Her interest in the sciences emerged after she realized she had an aptitude for math and science.
“I find it interesting,” said Rodriguez, who got her bachelor's degree at Rutgers University in New Brunswick, N.J., and went to New Jersey Medical School, which is part of Rutgers, graduating in 1983.
She then spent three years training in internal medicine with Thomas Jefferson University Hospitals in Philadelphia, followed by a two-year biochemistry fellowship at the Medical College of Pennsylvania in Philadelphia, then three years as an endocrinology fellow at Johns Hopkins University School of Medicine in Baltimore, joining the faculty and working there until her move to UConn in 2012, where she is a professor and the Linda and David Roth chair of cardiovascular research, the first to hold that endowment.
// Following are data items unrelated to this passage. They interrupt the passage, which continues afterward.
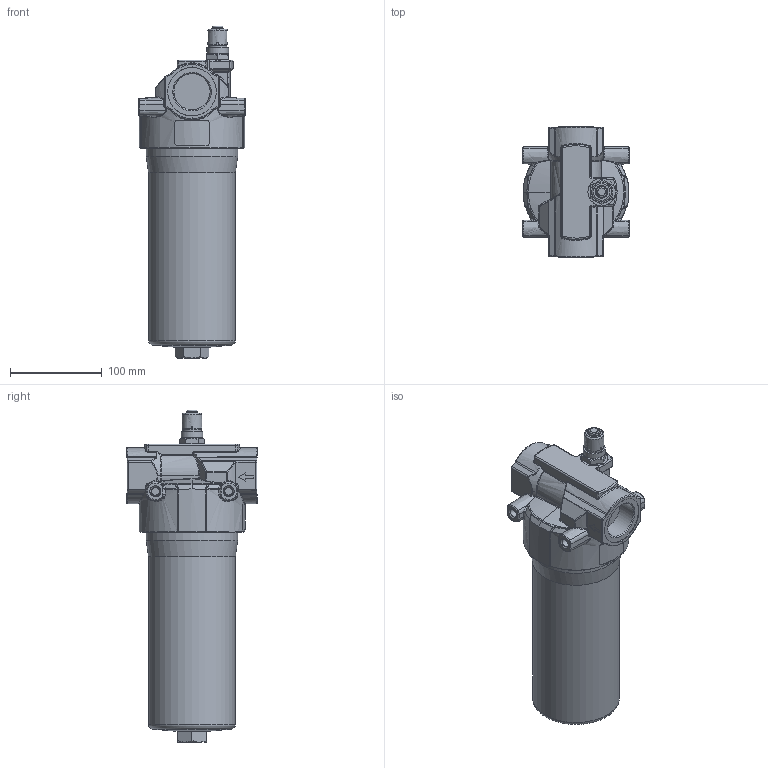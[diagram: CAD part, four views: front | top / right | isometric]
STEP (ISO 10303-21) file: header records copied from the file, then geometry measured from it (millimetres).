
FILE_DESCRIPTION((''),'2;1');
FILE_NAME('U:\Users\i.maeder\34421300_D232-256OD1.stp', '2016-10-25T08:16:04',('User'),('SDRC'),'I-DEAS Master Series 9','UNIX', 'Yes');
FILE_SCHEMA(('AUTOMOTIVE_DESIGN { 1 0 10303 214 1 1 1 1 }'));
Length unit declared in the file: millimetre
Products named in the file (1): 34421300
Bounding box: 116 x 143 x 362.8 mm (x, y, z)
Volume: 2462262 mm3; surface area: 138235 mm2
Topology: 1 solids, 3 shells, 666 faces, 1591 edges, 920 vertices
Faces by surface type: bspline 666
Entity records: 25478 total; most frequent: CARTESIAN_POINT 16588, ORIENTED_EDGE 3128, EDGE_CURVE 1564, B_SPLINE_CURVE_WITH_KNOTS 963, VERTEX_POINT 920, EDGE_LOOP 682, FACE_OUTER_BOUND 666, ADVANCED_FACE 666
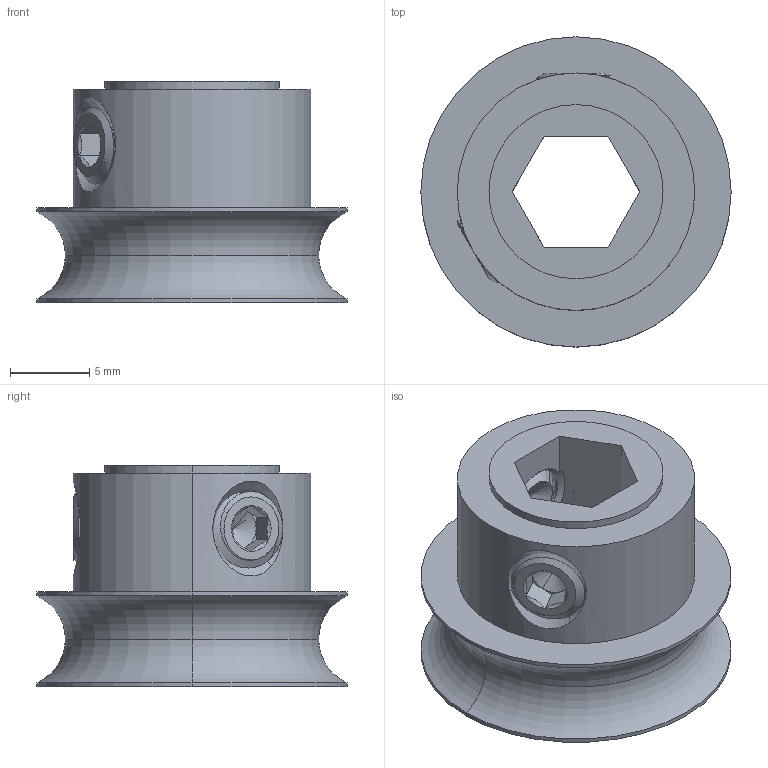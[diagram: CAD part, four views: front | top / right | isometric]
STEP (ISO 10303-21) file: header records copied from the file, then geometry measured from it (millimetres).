
FILE_DESCRIPTION (( 'STEP AP203' ), '1' );
FILE_NAME ('3401-4008-0016 assembly.STEP', '2023-02-07T17:07:36', ( '' ), ( '' ), 'SwSTEP 2.0', 'SolidWorks 2016', '' );
FILE_SCHEMA (( 'CONFIG_CONTROL_DESIGN' ));
Length unit declared in the file: millimetre
Products named in the file (3): 2806-0005-0004_91390A117; 3401-4008-0016 assembly; 3401-4008-0016
Assembly tree (3 placements, depth 2):
  3401-4008-0016 assembly
    3401-4008-0016
    2806-0005-0004_91390A117  x2
Bounding box: 19.6 x 19.6 x 14 mm (x, y, z)
Volume: 2144.5 mm3; surface area: 1976.8 mm2
Topology: 3 solids, 3 shells, 165 faces, 419 edges, 258 vertices
Faces by surface type: cylinder 67, cone 38, plane 38, bspline 18, torus 4
Entity records: 15364 total; most frequent: CARTESIAN_POINT 12434, ORIENTED_EDGE 642, DIRECTION 447, EDGE_CURVE 321, VERTEX_POINT 205, AXIS2_PLACEMENT_3D 171, EDGE_LOOP 136, FACE_OUTER_BOUND 125

In addition to the rewarding work at UConn Health and working to grow Lipid Genomics, a labor of love she does tangentially to her UConn research, she enjoys the state's quality of life and her short, two-mile commute to work.
She and her husband of 34 years, Ray Oquendo, who works for IBM's global services team, have two grown children, a daughter, Mariel, 31, and son, Eric, 28. Mariel is married to Smith's son, Ryan. Ryan Smith is business development manager for Lipid Genomics and Eric is business manager. It was through Ryan's budding relationship with Mariel that Rodriguez met Gerry.
The big picture Rodriguez sees for Connecticut is one where its bioscience industry can play a central role in helping not only find new medicines but inspire youth, generate new companies and jobs, and help the state.
“It is about innovating, finding new solutions for the common good and as a physician scientist I think Connecticut is just beautifully poised to help solve that,” she said, praising the state's investment in the industry and knowing that in trying fiscal times, not everyone will support the effort.